Leaving out all images, write out the records that follow exactly.

•••

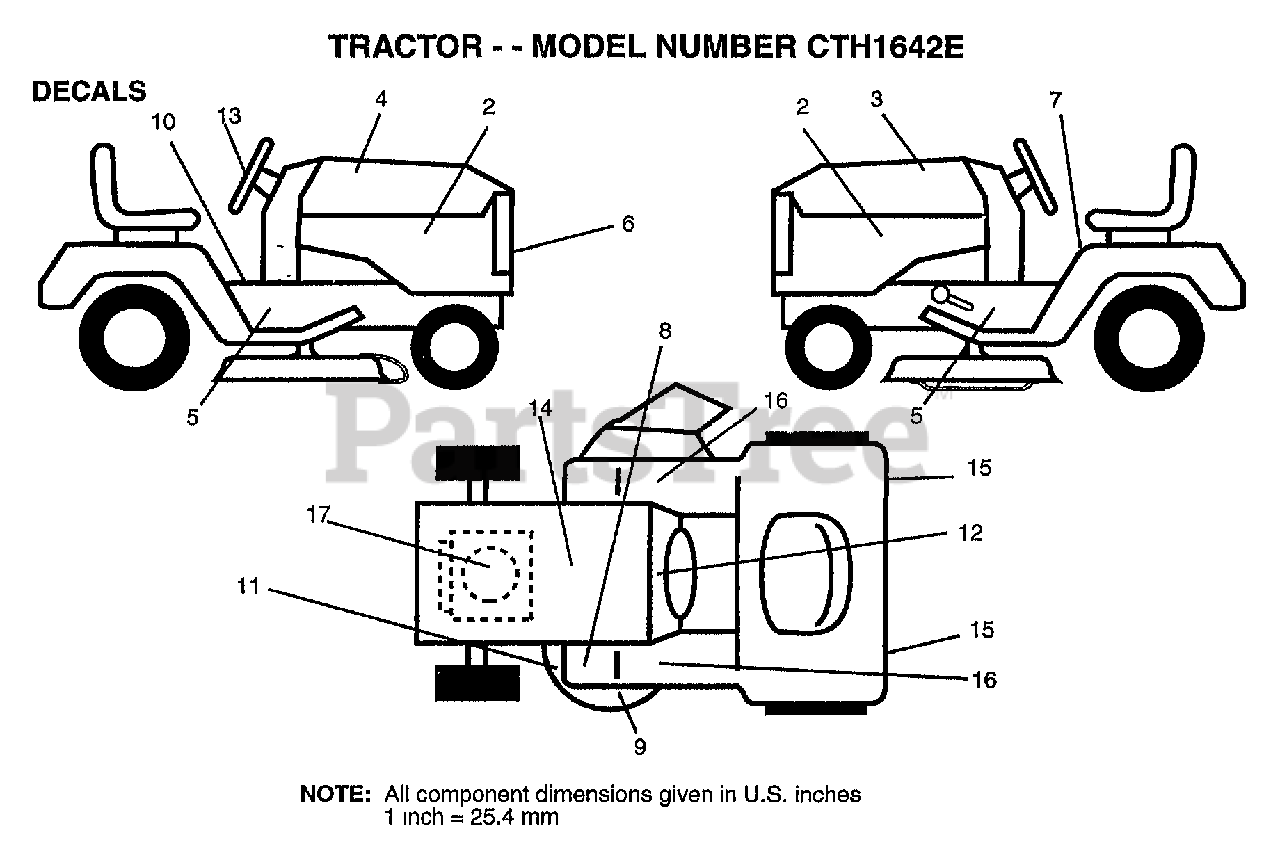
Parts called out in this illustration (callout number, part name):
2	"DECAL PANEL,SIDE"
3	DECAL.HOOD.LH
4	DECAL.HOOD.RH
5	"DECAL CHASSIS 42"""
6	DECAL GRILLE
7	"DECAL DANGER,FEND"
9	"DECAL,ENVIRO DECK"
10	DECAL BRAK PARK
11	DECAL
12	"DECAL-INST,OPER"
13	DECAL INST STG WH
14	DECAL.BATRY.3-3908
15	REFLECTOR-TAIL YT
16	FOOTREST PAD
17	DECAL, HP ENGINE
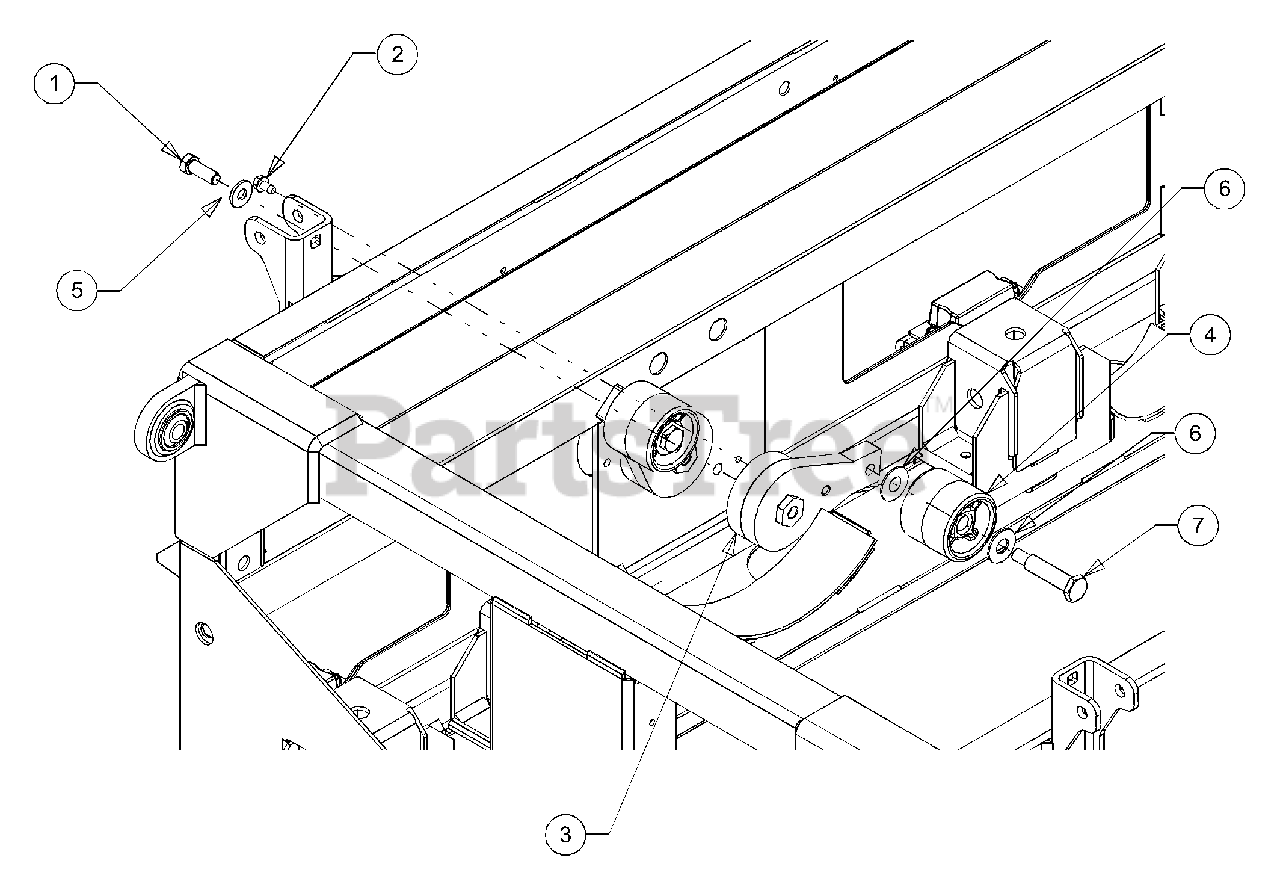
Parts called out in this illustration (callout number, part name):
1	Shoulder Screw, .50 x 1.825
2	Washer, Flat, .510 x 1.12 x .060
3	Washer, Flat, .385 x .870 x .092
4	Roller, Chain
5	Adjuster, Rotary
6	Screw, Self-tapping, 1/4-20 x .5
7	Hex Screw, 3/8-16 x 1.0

•••

**Answer for this exercise:**
Parts called out in this illustration (callout number, part name):
2	"DECAL PANEL,SIDE"
3	DECAL.HOOD.LH
4	DECAL.HOOD.RH
5	"DECAL CHASSIS 42"""
6	DECAL GRILLE
7	"DECAL DANGER,FEND"
9	"DECAL,ENVIRO DECK"
10	DECAL BRAK PARK
11	DECAL
12	"DECAL-INST,OPER"
13	DECAL INST STG WH
14	DECAL.BATRY.3-3908
15	REFLECTOR-TAIL YT
16	FOOTREST PAD
17	DECAL, HP ENGINE
Parts called out in this illustration (callout number, part name):
1	Shoulder Screw, .50 x 1.825
2	Washer, Flat, .510 x 1.12 x .060
3	Washer, Flat, .385 x .870 x .092
4	Roller, Chain
5	Adjuster, Rotary
6	Screw, Self-tapping, 1/4-20 x .5
7	Hex Screw, 3/8-16 x 1.0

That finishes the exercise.